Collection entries

■ ■ ■ ■

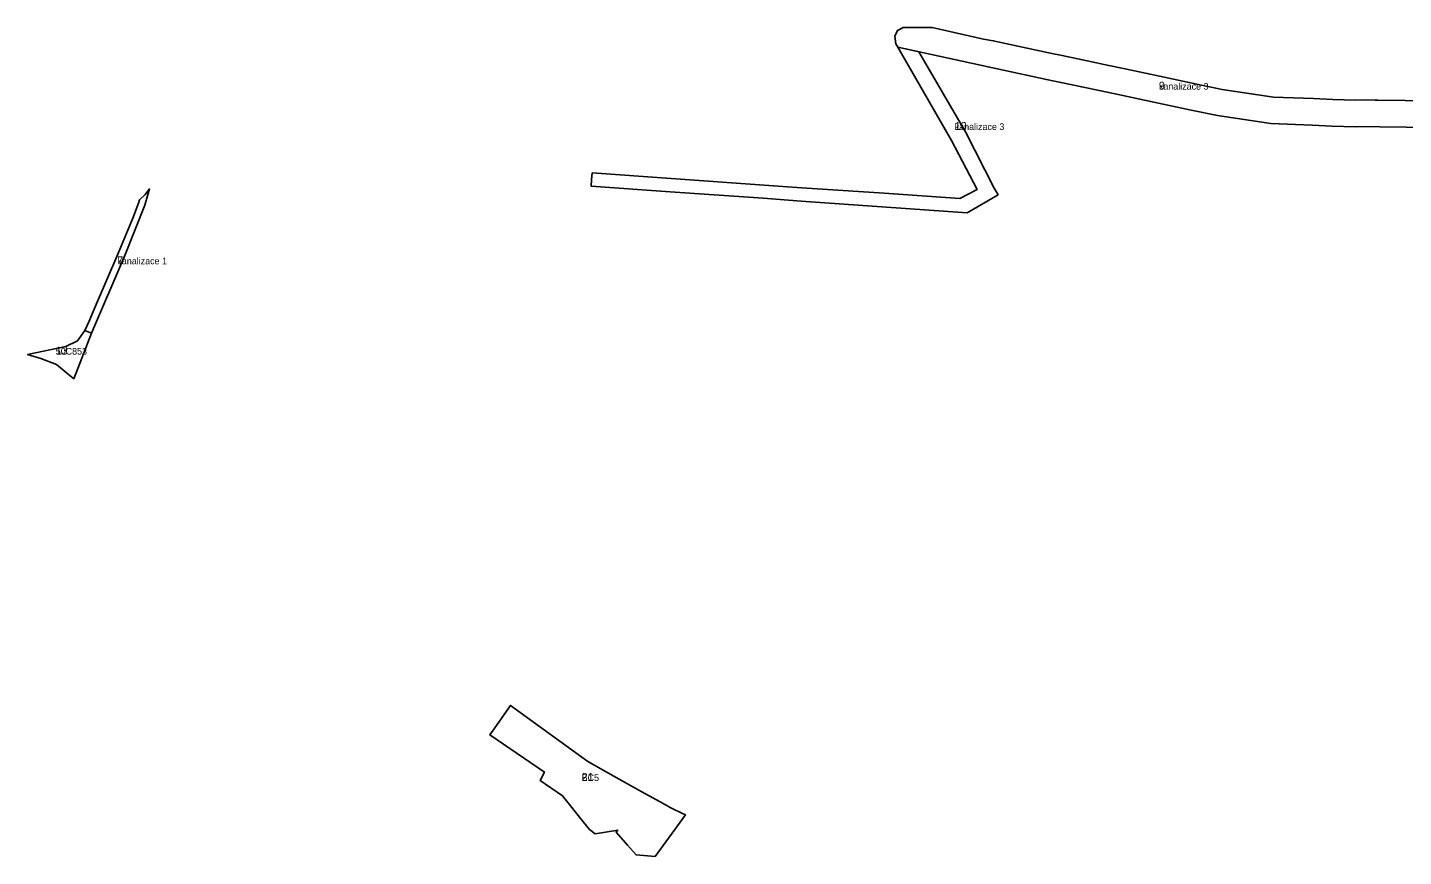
# Model space of a CAD drawing. Extents: x -540086 to -538022, y -1162553 to -1159940.
# Drawn here: x -540086 to -539054, y -1161871 to -1161249 of the extents above; entities that cross this region are included whole.
import ezdxf

# ---------------------------------------------------------------- set-up
doc = ezdxf.new("R2010")
doc.units = 0
for name, color, linetype in [('96120023', 7, 'Continuous'), ('96140023', 7, 'Continuous'), ('ID_VPO', 7, 'Continuous'), ('ID_VPS', 7, 'Continuous')]:
    doc.layers.add(name, color=color, linetype=linetype)

msp = doc.modelspace()

# ---------------------------------------------------------------- linework, layer by layer
at = {"layer": '96120023'}
msp.add_lwpolyline([(-539012.7, -1161324.2), (-539071.6, -1161323.6), (-539082.2, -1161323.2), (-539089.9, -1161323.5), (-539107.6, -1161323), (-539122.3, -1161322.3), (-539153.3, -1161321.1), (-539193.3, -1161315.1), (-539213, -1161311), (-539248, -1161303.6), (-539267.9, -1161299.3), (-539295.2, -1161293.6), (-539321.7, -1161288), (-539365.4, -1161278.6), (-539433.1, -1161263.8), (-539434.6, -1161261.2), (-539435.3, -1161255.5), (-539433.3, -1161251.1), (-539429.2, -1161249), (-539407.4, -1161249), (-539368.8, -1161257.7), (-539361.6, -1161258.9), (-539317.5, -1161268.5), (-539309.8, -1161270), (-539291.1, -1161274.1), (-539274.9, -1161277.6), (-539263.9, -1161279.7), (-539243.9, -1161284.1), (-539208.9, -1161291.4), (-539189.8, -1161295.4), (-539151.4, -1161301.2), (-539121.4, -1161302.3), (-539106.9, -1161303), (-539089.9, -1161303.5), (-539082.3, -1161303.2), (-539075.2, -1161303.5), (-539073, -1161303.6), (-539011.9, -1161304.2)], dxfattribs=at)
for points in [[(-539392.8, -1161333.7), (-539433.1, -1161263.8), (-539417.3, -1161267.2), (-539382.2, -1161327.9), (-539360.8, -1161369.6), (-539357.9, -1161374.6), (-539381.2, -1161388), (-539381.2, -1161388), (-539505.5, -1161379.2), (-539534.1, -1161377.1), (-539603.8, -1161372.2), (-539663.2, -1161368), (-539662.8, -1161363.3), (-539662.3, -1161358.1), (-539603.1, -1161362.2), (-539533.4, -1161367.2), (-539533.4, -1161367.2), (-539519.3, -1161368.3), (-539505.1, -1161369.2), (-539443.4, -1161373.2), (-539386.7, -1161377.3), (-539373.7, -1161370.6)], [(-540037.7, -1161478.4), (-540042.7, -1161476.5), (-540039.6, -1161469.5), (-540035.7, -1161460.3), (-540018.1, -1161419.2), (-540006.9, -1161392.1), (-540002.5, -1161380.9), (-540001.8, -1161378.3), (-539997.5, -1161374.2), (-539994.2, -1161370.1), (-539997.9, -1161382.2), (-540012.8, -1161420.2)], [(-540051, -1161512.6), (-540064, -1161501.8), (-540075.9, -1161497.3), (-540085.8, -1161494.4), (-540057.1, -1161488.4), (-540048.3, -1161484.2), (-540042.7, -1161476.5), (-540037.7, -1161478.4)]]:
    msp.add_lwpolyline(points, close=True, dxfattribs=at)
at = {"layer": '96140023'}
msp.add_lwpolyline([(-539603.3, -1161834.6), (-539594.1, -1161839.2), (-539592.4, -1161840), (-539615.1, -1161871.2), (-539629.4, -1161870), (-539635.9, -1161862.6), (-539644.3, -1161853), (-539643.1, -1161851.4), (-539660.1, -1161854.2), (-539664.3, -1161850.9), (-539668.8, -1161845.4), (-539684.6, -1161825.6), (-539701.4, -1161814.1), (-539698.2, -1161807.9), (-539739.2, -1161779.8), (-539735.4, -1161774.7), (-539723.6, -1161757.8), (-539665.7, -1161800), (-539644.3, -1161811.9), (-539622.9, -1161823.9), (-539611.4, -1161830.1)], close=True, dxfattribs=at)

# ---------------------------------------------------------------- texts
at = {"layer": '96120023'}
for s, rotation, p in [('kanalizace 3', 360, (-539237.3, -1161295.6)), ('kanalizace 3', 0, (-539390.4, -1161325.9)), ('kanalizace 1', 360, (-540018.4, -1161426.7)), ('50C853', 0, (-540064.6, -1161494.5))]:
    msp.add_text(s, height=5, rotation=rotation, dxfattribs=at).set_placement(p)
at = {"layer": '96140023'}
msp.add_text('BC5', height=5, rotation=0, dxfattribs=at).set_placement((-539670.2, -1161814.5))
at = {"layer": 'ID_VPO'}
msp.add_text('21', height=6, rotation=0, dxfattribs=at).set_placement((-539670.2, -1161814.5))
at = {"layer": 'ID_VPS'}
for s, rotation, p in [('9', 0, (-539237.3, -1161295.6)), ('10', 0, (-539390.4, -1161325.9)), ('7', 360, (-540018.4, -1161426.7)), ('13', 360, (-540064.6, -1161494.5))]:
    msp.add_text(s, height=6, rotation=rotation, dxfattribs=at).set_placement(p)

doc.saveas('drawing.dxf')

■ ■ ■ ■

Each line in the entries above that includes the word "linetype" counts once; state the total and nothing else.

2